I have a streaming executing in the default trigger. My goal is to limit the volume read in each of these executions to avoid a huge micro batch. Sometimes my Spark Jobs stop the whole weekend, so when I restart them, they take so long to finish the first one. I also persist the Dataframes 'cause this is written in 2 databases. Two approaches were tested.
Official docs says that maxOffsetsPerTrigger limit the number of offsets processed per trigger interval, but that did not work for me. Did I misunderstood the meaning of this param?
val read = spark
.readStream
.format("kafka")
.option("kafka.bootstrap.servers", kafkaServers)
.option("subscribe", kafkaTopic)
.option("startingOffsets", "latest")
.option("failOnDataLoss", "false")
.option("maxOffsetsPerTrigger", "1")
.load()
Also, I read this answer, but I do not know where and how to set max.poll.records correctly. I tried in the option of the readStream with no success. Code below:
val read = spark
.readStream
.format("kafka")
.option("kafka.bootstrap.servers", kafkaServers)
.option("subscribe", kafkaTopic)
.option("startingOffsets", "latest")
.option("failOnDataLoss", "false")
.option("max.poll.records", "1")
.load()
Main function:
override def execute(spark: SparkSession, args: Array[String]): Unit = {
val basePath: String = args(0)
val kafkaServers: String = args(1)
val kafkaTopic: String = args(2)
val checkpoint: String = args(3)
val read = spark
.readStream
.format("kafka")
.option("kafka.bootstrap.servers", kafkaServers)
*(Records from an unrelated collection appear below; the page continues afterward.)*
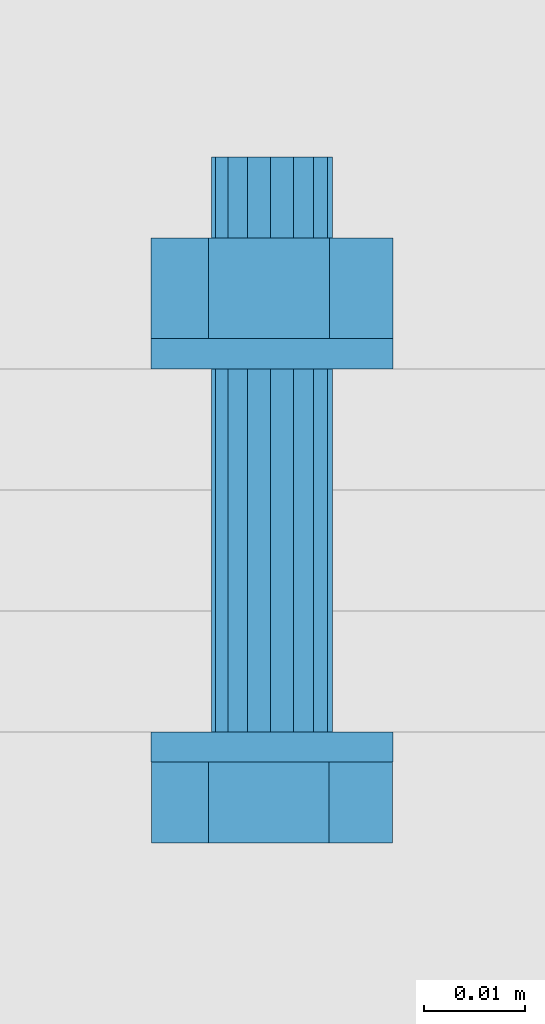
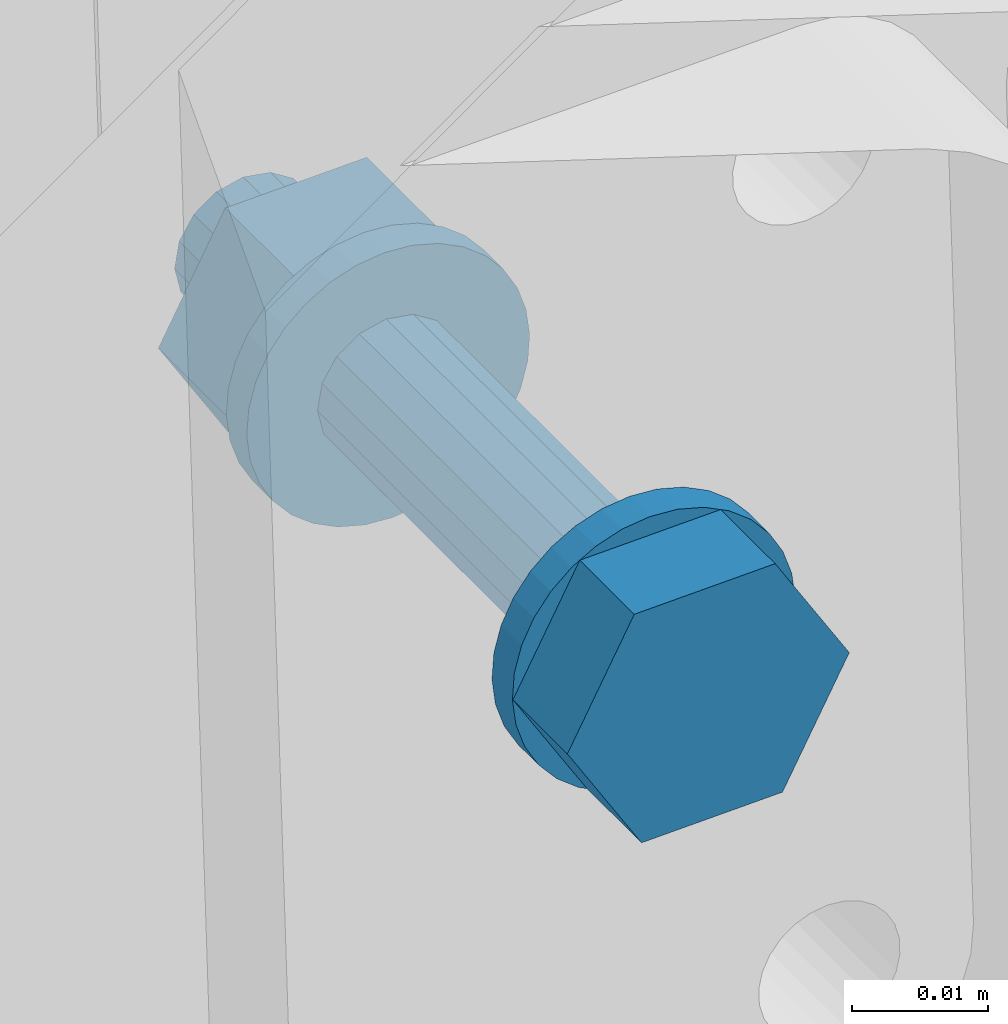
# One storey, part 308 of 476: 1 mechanical fastener.
"""IFC2X3 building model written with IfcOpenShell, lengths in millimetres."""

from ifc_helpers import new_model, entity, si_unit, converted_unit, origin_with_axes, place, context, project, spatial, faceted_brep, element, save


model = new_model("IFC2X3")

# Units and contexts
model_context = context("Model", 3, precision=1e-09, world=origin_with_axes())
ifc_project = project(units=[si_unit("LENGTHUNIT", "METRE", prefix="MILLI"), si_unit("AREAUNIT", "SQUARE_METRE"), si_unit("VOLUMEUNIT", "CUBIC_METRE"), converted_unit("PLANEANGLEUNIT", "DEGREE", entity("IfcPlaneAngleMeasure", 0.01745329), si_unit("PLANEANGLEUNIT", "RADIAN"), dimensions=[0, 0, 0, 0, 0, 0, 0])], contexts=[model_context])

# Site, building, storey
site_placement = place(None, origin_with_axes())
site = spatial("IfcSite", under=ifc_project, at=site_placement, Name="mKR Teilneubau & Sanierung BA1 - Ostfildern", CompositionType="ELEMENT")
building_placement = place(site_placement, origin_with_axes())
building = spatial("IfcBuilding", under=site, at=building_placement, Name="Struktur 1", CompositionType="ELEMENT")
storey_placement = place(building_placement, origin_with_axes())
storey = spatial("IfcBuildingStorey", under=building, at=storey_placement, Name="Default Storey", CompositionType="ELEMENT", Elevation=0.0)

# Mechanical fastener
mechanical_fastener_placement = place(None, origin_with_axes())
element("IfcMechanicalFastener", 1, at=mechanical_fastener_placement, inside=storey, ObjectType="Bolt#2", NominalDiameter=12.0, NominalLength=60.0, context=model_context, shape_type="Brep", body=[
    faceted_brep([(15035.982538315, -9786.67387897, 5351.70692488), (15035.982538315, -9783.67387897, 5351.70692488), (15038.315645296, -9783.67387897, 5352.007675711), (15038.315645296, -9786.67387897, 5352.007675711), (15040.545248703, -9783.67387897, 5352.757814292), (15040.545248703, -9786.67387897, 5352.757814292), (15042.585666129, -9783.67387897, 5353.928513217), (15042.585666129, -9786.67387897, 5353.928513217), (15044.358485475, -9783.67387897, 5355.474783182), (15044.358485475, -9786.67387897, 5355.474783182), (15045.79557829, -9783.67387897, 5357.337201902), (15045.79557829, -9786.67387897, 5357.337201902), (15046.841717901, -9783.67387897, 5359.444197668), (15046.841717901, -9786.67387897, 5359.444197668), (15047.456701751, -9783.67387897, 5361.714799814), (15047.456701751, -9786.67387897, 5361.714799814), (15047.616896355, -9783.67387897, 5364.061750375), (15047.616896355, -9786.67387897, 5364.061750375), (15047.316145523, -9783.67387897, 5366.394857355), (15047.316145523, -9786.67387897, 5366.394857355), (15046.566006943, -9783.67387897, 5368.624460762), (15046.566006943, -9786.67387897, 5368.624460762), (15045.395308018, -9783.67387897, 5370.664878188), (15045.395308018, -9786.67387897, 5370.664878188), (15043.849038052, -9783.67387897, 5372.437697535), (15043.849038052, -9786.67387897, 5372.437697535), (15041.986619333, -9783.67387897, 5373.874790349), (15041.986619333, -9786.67387897, 5373.874790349), (15039.879623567, -9783.67387897, 5374.920929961), (15039.879623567, -9786.67387897, 5374.920929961), (15037.60902142, -9783.67387897, 5375.53591381), (15037.60902142, -9786.67387897, 5375.53591381), (15035.26207086, -9783.67387897, 5375.696108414), (15035.26207086, -9786.67387897, 5375.696108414), (15032.928963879, -9783.67387897, 5375.395357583), (15032.928963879, -9786.67387897, 5375.395357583), (15030.699360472, -9783.67387897, 5374.645219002), (15030.699360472, -9786.67387897, 5374.645219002), (15028.658943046, -9783.67387897, 5373.474520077), (15028.658943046, -9786.67387897, 5373.474520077), (15026.8861237, -9783.67387897, 5371.928250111), (15026.8861237, -9786.67387897, 5371.928250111), (15025.449030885, -9783.67387897, 5370.065831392), (15025.449030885, -9786.67387897, 5370.065831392), (15024.402891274, -9783.67387897, 5367.958835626), (15024.402891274, -9786.67387897, 5367.958835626), (15023.787907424, -9783.67387897, 5365.688233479), (15023.787907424, -9786.67387897, 5365.688233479), (15023.62771282, -9783.67387897, 5363.341282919), (15023.62771282, -9786.67387897, 5363.341282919), (15023.928463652, -9783.67387897, 5361.008175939), (15023.928463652, -9786.67387897, 5361.008175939), (15024.678602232, -9783.67387897, 5358.778572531), (15024.678602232, -9786.67387897, 5358.778572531), (15025.849301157, -9783.67387897, 5356.738155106), (15025.849301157, -9786.67387897, 5356.738155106), (15027.395571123, -9783.67387897, 5354.965335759), (15027.395571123, -9786.67387897, 5354.965335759), (15029.257989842, -9783.67387897, 5353.528242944), (15029.257989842, -9786.67387897, 5353.528242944), (15031.364985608, -9783.67387897, 5352.482103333), (15031.364985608, -9786.67387897, 5352.482103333), (15033.635587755, -9783.67387897, 5351.867119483), (15033.635587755, -9786.67387897, 5351.867119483)], [[[0, 1, 2, 3]], [[3, 2, 4, 5]], [[5, 4, 6, 7]], [[7, 6, 8, 9]], [[9, 8, 10, 11]], [[11, 10, 12, 13]], [[13, 12, 14, 15]], [[15, 14, 16, 17]], [[17, 16, 18, 19]], [[19, 18, 20, 21]], [[21, 20, 22, 23]], [[23, 22, 24, 25]], [[25, 24, 26, 27]], [[27, 26, 28, 29]], [[29, 28, 30, 31]], [[31, 30, 32, 33]], [[33, 32, 34, 35]], [[35, 34, 36, 37]], [[37, 36, 38, 39]], [[39, 38, 40, 41]], [[41, 40, 42, 43]], [[43, 42, 44, 45]], [[45, 44, 46, 47]], [[47, 46, 48, 49]], [[49, 48, 50, 51]], [[51, 50, 52, 53]], [[53, 52, 54, 55]], [[55, 54, 56, 57]], [[57, 56, 58, 59]], [[59, 58, 60, 61]], [[61, 60, 62, 63]], [[63, 62, 1, 0]], [[0, 3, 5, 7, 9, 11, 13, 15, 17, 19, 21, 23, 25, 27, 29, 31, 33, 35, 37, 39, 41, 43, 45, 47, 49, 51, 53, 55, 57, 59, 61, 63]], [[1, 62, 60, 58, 56, 54, 52, 50, 48, 46, 44, 42, 40, 38, 36, 34, 32, 30, 28, 26, 24, 22, 20, 18, 16, 14, 12, 10, 8, 6, 4, 2]]]),
    faceted_brep([(15041.286308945, -9786.67387897, 5374.229625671), (15041.286308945, -9794.67387897, 5374.229625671), (15047.571916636, -9794.67387897, 5364.060399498), (15047.571916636, -9786.67387897, 5364.060399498), (15041.907912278, -9794.67387897, 5353.532290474), (15041.907912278, -9786.67387897, 5353.532290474), (15029.95830023, -9794.67387897, 5353.173407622), (15029.95830023, -9786.67387897, 5353.173407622), (15023.672692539, -9794.67387897, 5363.342633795), (15023.672692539, -9786.67387897, 5363.342633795), (15029.336696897, -9794.67387897, 5373.87074282), (15029.336696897, -9786.67387897, 5373.87074282)], [[[0, 1, 2, 3]], [[3, 2, 4, 5]], [[5, 4, 6, 7]], [[7, 6, 8, 9]], [[9, 8, 10, 11]], [[11, 10, 1, 0]], [[4, 2, 1, 10, 8, 6]], [[0, 3, 5, 7, 9, 11]]]),
    faceted_brep([(15035.802421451, -9783.67387897, 5357.704220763), (15035.802421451, -9747.67387897, 5357.704220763), (15038.083776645, -9747.67387897, 5358.229665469), (15038.083776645, -9783.67387897, 5358.229665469), (15039.990395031, -9747.67387897, 5359.588149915), (15039.990395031, -9783.67387897, 5359.588149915), (15041.232011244, -9747.67387897, 5361.572857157), (15041.232011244, -9783.67387897, 5361.572857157), (15041.619600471, -9747.67387897, 5363.881633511), (15041.619600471, -9783.67387897, 5363.881633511), (15041.094155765, -9747.67387897, 5366.162988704), (15041.094155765, -9783.67387897, 5366.162988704), (15039.73567132, -9747.67387897, 5368.069607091), (15039.73567132, -9783.67387897, 5368.069607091), (15037.750964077, -9747.67387897, 5369.311223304), (15037.750964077, -9783.67387897, 5369.311223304), (15035.442187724, -9747.67387897, 5369.69881253), (15035.442187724, -9783.67387897, 5369.69881253), (15033.16083253, -9747.67387897, 5369.173367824), (15033.16083253, -9783.67387897, 5369.173367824), (15031.254214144, -9747.67387897, 5367.814883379), (15031.254214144, -9783.67387897, 5367.814883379), (15030.012597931, -9747.67387897, 5365.830176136), (15030.012597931, -9783.67387897, 5365.830176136), (15029.625008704, -9747.67387897, 5363.521399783), (15029.625008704, -9783.67387897, 5363.521399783), (15030.15045341, -9747.67387897, 5361.240044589), (15030.15045341, -9783.67387897, 5361.240044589), (15031.508937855, -9747.67387897, 5359.333426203), (15031.508937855, -9783.67387897, 5359.333426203), (15033.493645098, -9747.67387897, 5358.09180999), (15033.493645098, -9783.67387897, 5358.09180999)], [[[0, 1, 2, 3]], [[3, 2, 4, 5]], [[5, 4, 6, 7]], [[7, 6, 8, 9]], [[9, 8, 10, 11]], [[11, 10, 12, 13]], [[13, 12, 14, 15]], [[15, 14, 16, 17]], [[17, 16, 18, 19]], [[19, 18, 20, 21]], [[21, 20, 22, 23]], [[23, 22, 24, 25]], [[25, 24, 26, 27]], [[27, 26, 28, 29]], [[29, 28, 30, 31]], [[31, 30, 1, 0]], [[0, 3, 5, 7, 9, 11, 13, 15, 17, 19, 21, 23, 25, 27, 29, 31]], [[1, 30, 28, 26, 24, 22, 20, 18, 16, 14, 12, 10, 8, 6, 4, 2]]]),
    faceted_brep([(15035.982538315, -9747.67387897, 5351.70692488), (15035.982538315, -9744.67387897, 5351.70692488), (15038.315645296, -9744.67387897, 5352.007675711), (15038.315645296, -9747.67387897, 5352.007675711), (15040.545248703, -9744.67387897, 5352.757814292), (15040.545248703, -9747.67387897, 5352.757814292), (15042.585666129, -9744.67387897, 5353.928513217), (15042.585666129, -9747.67387897, 5353.928513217), (15044.358485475, -9744.67387897, 5355.474783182), (15044.358485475, -9747.67387897, 5355.474783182), (15045.79557829, -9744.67387897, 5357.337201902), (15045.79557829, -9747.67387897, 5357.337201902), (15046.841717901, -9744.67387897, 5359.444197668), (15046.841717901, -9747.67387897, 5359.444197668), (15047.456701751, -9744.67387897, 5361.714799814), (15047.456701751, -9747.67387897, 5361.714799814), (15047.616896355, -9744.67387897, 5364.061750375), (15047.616896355, -9747.67387897, 5364.061750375), (15047.316145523, -9744.67387897, 5366.394857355), (15047.316145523, -9747.67387897, 5366.394857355), (15046.566006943, -9744.67387897, 5368.624460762), (15046.566006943, -9747.67387897, 5368.624460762), (15045.395308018, -9744.67387897, 5370.664878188), (15045.395308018, -9747.67387897, 5370.664878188), (15043.849038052, -9744.67387897, 5372.437697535), (15043.849038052, -9747.67387897, 5372.437697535), (15041.986619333, -9744.67387897, 5373.874790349), (15041.986619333, -9747.67387897, 5373.874790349), (15039.879623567, -9744.67387897, 5374.920929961), (15039.879623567, -9747.67387897, 5374.920929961), (15037.60902142, -9744.67387897, 5375.53591381), (15037.60902142, -9747.67387897, 5375.53591381), (15035.26207086, -9744.67387897, 5375.696108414), (15035.26207086, -9747.67387897, 5375.696108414), (15032.928963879, -9744.67387897, 5375.395357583), (15032.928963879, -9747.67387897, 5375.395357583), (15030.699360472, -9744.67387897, 5374.645219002), (15030.699360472, -9747.67387897, 5374.645219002), (15028.658943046, -9744.67387897, 5373.474520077), (15028.658943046, -9747.67387897, 5373.474520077), (15026.8861237, -9744.67387897, 5371.928250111), (15026.8861237, -9747.67387897, 5371.928250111), (15025.449030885, -9744.67387897, 5370.065831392), (15025.449030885, -9747.67387897, 5370.065831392), (15024.402891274, -9744.67387897, 5367.958835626), (15024.402891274, -9747.67387897, 5367.958835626), (15023.787907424, -9744.67387897, 5365.688233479), (15023.787907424, -9747.67387897, 5365.688233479), (15023.62771282, -9744.67387897, 5363.341282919), (15023.62771282, -9747.67387897, 5363.341282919), (15023.928463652, -9744.67387897, 5361.008175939), (15023.928463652, -9747.67387897, 5361.008175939), (15024.678602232, -9744.67387897, 5358.778572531), (15024.678602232, -9747.67387897, 5358.778572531), (15025.849301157, -9744.67387897, 5356.738155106), (15025.849301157, -9747.67387897, 5356.738155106), (15027.395571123, -9744.67387897, 5354.965335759), (15027.395571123, -9747.67387897, 5354.965335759), (15029.257989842, -9744.67387897, 5353.528242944), (15029.257989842, -9747.67387897, 5353.528242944), (15031.364985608, -9744.67387897, 5352.482103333), (15031.364985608, -9747.67387897, 5352.482103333), (15033.635587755, -9744.67387897, 5351.867119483), (15033.635587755, -9747.67387897, 5351.867119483)], [[[0, 1, 2, 3]], [[3, 2, 4, 5]], [[5, 4, 6, 7]], [[7, 6, 8, 9]], [[9, 8, 10, 11]], [[11, 10, 12, 13]], [[13, 12, 14, 15]], [[15, 14, 16, 17]], [[17, 16, 18, 19]], [[19, 18, 20, 21]], [[21, 20, 22, 23]], [[23, 22, 24, 25]], [[25, 24, 26, 27]], [[27, 26, 28, 29]], [[29, 28, 30, 31]], [[31, 30, 32, 33]], [[33, 32, 34, 35]], [[35, 34, 36, 37]], [[37, 36, 38, 39]], [[39, 38, 40, 41]], [[41, 40, 42, 43]], [[43, 42, 44, 45]], [[45, 44, 46, 47]], [[47, 46, 48, 49]], [[49, 48, 50, 51]], [[51, 50, 52, 53]], [[53, 52, 54, 55]], [[55, 54, 56, 57]], [[57, 56, 58, 59]], [[59, 58, 60, 61]], [[61, 60, 62, 63]], [[63, 62, 1, 0]], [[0, 3, 5, 7, 9, 11, 13, 15, 17, 19, 21, 23, 25, 27, 29, 31, 33, 35, 37, 39, 41, 43, 45, 47, 49, 51, 53, 55, 57, 59, 61, 63]], [[1, 62, 60, 58, 56, 54, 52, 50, 48, 46, 44, 42, 40, 38, 36, 34, 32, 30, 28, 26, 24, 22, 20, 18, 16, 14, 12, 10, 8, 6, 4, 2]]]),
    faceted_brep([(15041.307628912, -9734.67387897, 5374.269254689), (15041.307628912, -9744.67387897, 5374.269254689), (15047.616896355, -9744.67387897, 5364.061750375), (15047.616896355, -9734.67387897, 5364.061750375), (15041.931572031, -9744.67387897, 5353.494012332), (15041.931572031, -9734.67387897, 5353.494012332), (15029.936980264, -9744.67387897, 5353.133778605), (15029.936980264, -9734.67387897, 5353.133778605), (15023.62771282, -9744.67387897, 5363.341282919), (15023.62771282, -9734.67387897, 5363.341282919), (15029.313037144, -9744.67387897, 5373.909020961), (15029.313037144, -9734.67387897, 5373.909020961)], [[[0, 1, 2, 3]], [[3, 2, 4, 5]], [[5, 4, 6, 7]], [[7, 6, 8, 9]], [[9, 8, 10, 11]], [[11, 10, 1, 0]], [[4, 2, 1, 10, 8, 6]], [[0, 3, 5, 7, 9, 11]]]),
    faceted_brep([(15035.802421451, -9734.67387897, 5357.704220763), (15035.802421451, -9726.67387897, 5357.704220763), (15038.083776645, -9726.67387897, 5358.229665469), (15038.083776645, -9734.67387897, 5358.229665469), (15039.990395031, -9726.67387897, 5359.588149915), (15039.990395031, -9734.67387897, 5359.588149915), (15041.232011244, -9726.67387897, 5361.572857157), (15041.232011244, -9734.67387897, 5361.572857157), (15041.619600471, -9726.67387897, 5363.881633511), (15041.619600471, -9734.67387897, 5363.881633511), (15041.094155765, -9726.67387897, 5366.162988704), (15041.094155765, -9734.67387897, 5366.162988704), (15039.73567132, -9726.67387897, 5368.069607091), (15039.73567132, -9734.67387897, 5368.069607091), (15037.750964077, -9726.67387897, 5369.311223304), (15037.750964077, -9734.67387897, 5369.311223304), (15035.442187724, -9726.67387897, 5369.69881253), (15035.442187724, -9734.67387897, 5369.69881253), (15033.16083253, -9726.67387897, 5369.173367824), (15033.16083253, -9734.67387897, 5369.173367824), (15031.254214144, -9726.67387897, 5367.814883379), (15031.254214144, -9734.67387897, 5367.814883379), (15030.012597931, -9726.67387897, 5365.830176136), (15030.012597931, -9734.67387897, 5365.830176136), (15029.625008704, -9726.67387897, 5363.521399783), (15029.625008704, -9734.67387897, 5363.521399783), (15030.15045341, -9726.67387897, 5361.240044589), (15030.15045341, -9734.67387897, 5361.240044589), (15031.508937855, -9726.67387897, 5359.333426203), (15031.508937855, -9734.67387897, 5359.333426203), (15033.493645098, -9726.67387897, 5358.09180999), (15033.493645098, -9734.67387897, 5358.09180999)], [[[0, 1, 2, 3]], [[3, 2, 4, 5]], [[5, 4, 6, 7]], [[7, 6, 8, 9]], [[9, 8, 10, 11]], [[11, 10, 12, 13]], [[13, 12, 14, 15]], [[15, 14, 16, 17]], [[17, 16, 18, 19]], [[19, 18, 20, 21]], [[21, 20, 22, 23]], [[23, 22, 24, 25]], [[25, 24, 26, 27]], [[27, 26, 28, 29]], [[29, 28, 30, 31]], [[31, 30, 1, 0]], [[0, 3, 5, 7, 9, 11, 13, 15, 17, 19, 21, 23, 25, 27, 29, 31]], [[1, 30, 28, 26, 24, 22, 20, 18, 16, 14, 12, 10, 8, 6, 4, 2]]]),
])

save(model, "model.ifc")

.option("subscribe", kafkaTopic)
.option("startingOffsets", "latest")
.option("failOnDataLoss", "false")
.option("maxOffsetsPerTrigger", "1")
.load()
val transformed = read
.transform(applySchema)
.transform(conversions)
.transform(dropDuplicates)
.transform(partitioning)
val sink = new FileSystemSink(basePath)
val query = transformed
.writeStream
.outputMode(OutputMode.Append)
.foreachBatch(sink.writeOnS3 _)
.option("checkpointLocation", f"$basePath/checkpoints/$checkpoint")
.start()
query.awaitTermination()
}
Besides the questions above, what is the correct way to limit offsets?
Spark Version: 2.4.5.
I tested again and maxOffsetsPerTrigger worked just fine. I misunderstood the result of the trigger and now it makes sense. The param means the total offsets read, not the offsets per partition.